---- Information provided
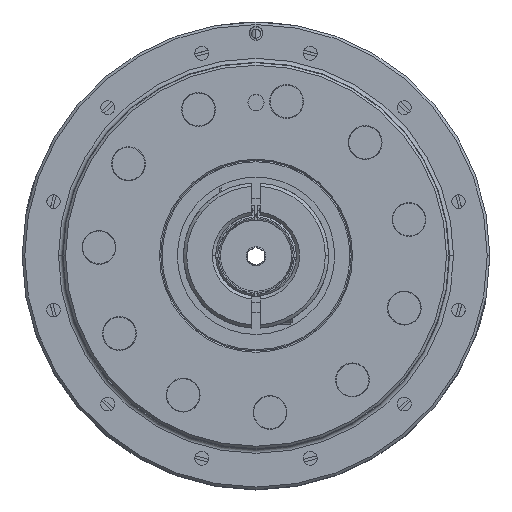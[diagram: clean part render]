
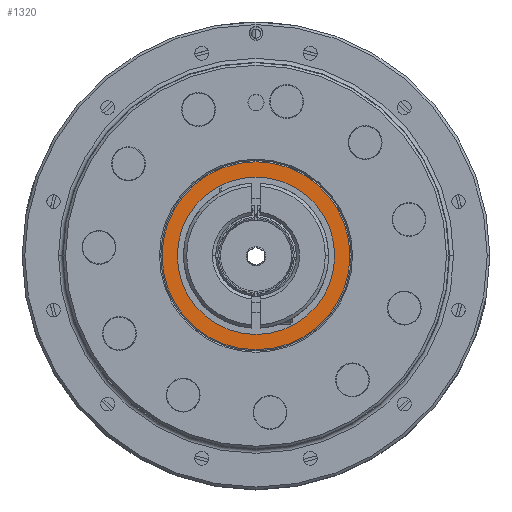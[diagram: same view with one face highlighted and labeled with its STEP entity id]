
A CAD part, top view. The second image highlights one B-rep face of the part: STEP entity #1320.
In plain terms, the highlighted planar face has unit normal (0, 0, 1).
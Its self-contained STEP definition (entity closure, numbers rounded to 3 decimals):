
#535 = CARTESIAN_POINT ( 'NONE',  ( 0., 31., -0.879 ) ) ;
#572 = AXIS2_PLACEMENT_3D ( 'NONE', #10533, #15745, #13179 ) ;
#669 = EDGE_CURVE ( 'NONE', #16812, #14153, #13506, .T. ) ;
#937 = AXIS2_PLACEMENT_3D ( 'NONE', #16549, #11621, #6335 ) ;
#1240 = EDGE_CURVE ( 'NONE', #10789, #10222, #11655, .T. ) ;
#1320 = ADVANCED_FACE ( 'NONE', ( #7412, #12664 ), #1554, .F. ) ;
#1554 = PLANE ( 'NONE',  #13356 ) ;
#2152 = CARTESIAN_POINT ( 'NONE',  ( 0., 0., -0.879 ) ) ;
#2921 = EDGE_LOOP ( 'NONE', ( #5588, #12166 ) ) ;
#3362 = DIRECTION ( 'NONE',  ( 1., 0., 0. ) ) ;
#3461 = CARTESIAN_POINT ( 'NONE',  ( 0., 0., -0.879 ) ) ;
#3538 = DIRECTION ( 'NONE',  ( 0., 0., 1. ) ) ;
#4869 = CARTESIAN_POINT ( 'NONE',  ( 31., 0., -0.879 ) ) ;
#5101 = AXIS2_PLACEMENT_3D ( 'NONE', #3461, #3538, #13970 ) ;
#5588 = ORIENTED_EDGE ( 'NONE', *, *, #669, .F. ) ;
#5765 = DIRECTION ( 'NONE',  ( -1., 0., 0. ) ) ;
#6065 = CARTESIAN_POINT ( 'NONE',  ( 37., 0., -0.879 ) ) ;
#6335 = DIRECTION ( 'NONE',  ( 1., 0., 0. ) ) ;
#6565 = AXIS2_PLACEMENT_3D ( 'NONE', #2152, #16333, #3362 ) ;
#6614 = ORIENTED_EDGE ( 'NONE', *, *, #10396, .T. ) ;
#6784 = EDGE_CURVE ( 'NONE', #14153, #16812, #10918, .T. ) ;
#7106 = EDGE_LOOP ( 'NONE', ( #6614, #13713 ) ) ;
#7412 = FACE_OUTER_BOUND ( 'NONE', #7106, .T. ) ;
#9569 = DIRECTION ( 'NONE',  ( 0., 0., -1. ) ) ;
#10222 = VERTEX_POINT ( 'NONE', #15319 ) ;
#10396 = EDGE_CURVE ( 'NONE', #10222, #10789, #14511, .T. ) ;
#10533 = CARTESIAN_POINT ( 'NONE',  ( 0., 0., -0.879 ) ) ;
#10789 = VERTEX_POINT ( 'NONE', #6065 ) ;
#10918 = CIRCLE ( 'NONE', #6565, 31. ) ;
#11621 = DIRECTION ( 'NONE',  ( 0., 0., 1. ) ) ;
#11655 = CIRCLE ( 'NONE', #5101, 37. ) ;
#11947 = CARTESIAN_POINT ( 'NONE',  ( -31., 0., -0.879 ) ) ;
#12166 = ORIENTED_EDGE ( 'NONE', *, *, #6784, .F. ) ;
#12664 = FACE_BOUND ( 'NONE', #2921, .T. ) ;
#13179 = DIRECTION ( 'NONE',  ( -1., 0., 0. ) ) ;
#13356 = AXIS2_PLACEMENT_3D ( 'NONE', #535, #9569, #5765 ) ;
#13506 = CIRCLE ( 'NONE', #937, 31. ) ;
#13713 = ORIENTED_EDGE ( 'NONE', *, *, #1240, .T. ) ;
#13970 = DIRECTION ( 'NONE',  ( -1., 0., 0. ) ) ;
#14153 = VERTEX_POINT ( 'NONE', #11947 ) ;
#14511 = CIRCLE ( 'NONE', #572, 37. ) ;
#15319 = CARTESIAN_POINT ( 'NONE',  ( -37., 0., -0.879 ) ) ;
#15745 = DIRECTION ( 'NONE',  ( 0., 0., 1. ) ) ;
#16333 = DIRECTION ( 'NONE',  ( 0., 0., 1. ) ) ;
#16549 = CARTESIAN_POINT ( 'NONE',  ( 0., 0., -0.879 ) ) ;
#16812 = VERTEX_POINT ( 'NONE', #4869 ) ;
--------
## Task brief
Start with the line above that contains "#6565 = AXIS2_PLACEMENT_3D" and end with the line that contains "#13356 = AXIS2_PLACEMENT_3D". Write out those lines exactly, and only those.

## Task response
#6565 = AXIS2_PLACEMENT_3D ( 'NONE', #2152, #16333, #3362 ) ;
#6614 = ORIENTED_EDGE ( 'NONE', *, *, #10396, .T. ) ;
#6784 = EDGE_CURVE ( 'NONE', #14153, #16812, #10918, .T. ) ;
#7106 = EDGE_LOOP ( 'NONE', ( #6614, #13713 ) ) ;
#7412 = FACE_OUTER_BOUND ( 'NONE', #7106, .T. ) ;
#9569 = DIRECTION ( 'NONE',  ( 0., 0., -1. ) ) ;
#10222 = VERTEX_POINT ( 'NONE', #15319 ) ;
#10396 = EDGE_CURVE ( 'NONE', #10222, #10789, #14511, .T. ) ;
#10533 = CARTESIAN_POINT ( 'NONE',  ( 0., 0., -0.879 ) ) ;
#10789 = VERTEX_POINT ( 'NONE', #6065 ) ;
#10918 = CIRCLE ( 'NONE', #6565, 31. ) ;
#11621 = DIRECTION ( 'NONE',  ( 0., 0., 1. ) ) ;
#11655 = CIRCLE ( 'NONE', #5101, 37. ) ;
#11947 = CARTESIAN_POINT ( 'NONE',  ( -31., 0., -0.879 ) ) ;
#12166 = ORIENTED_EDGE ( 'NONE', *, *, #6784, .F. ) ;
#12664 = FACE_BOUND ( 'NONE', #2921, .T. ) ;
#13179 = DIRECTION ( 'NONE',  ( -1., 0., 0. ) ) ;
#13356 = AXIS2_PLACEMENT_3D ( 'NONE', #535, #9569, #5765 ) ;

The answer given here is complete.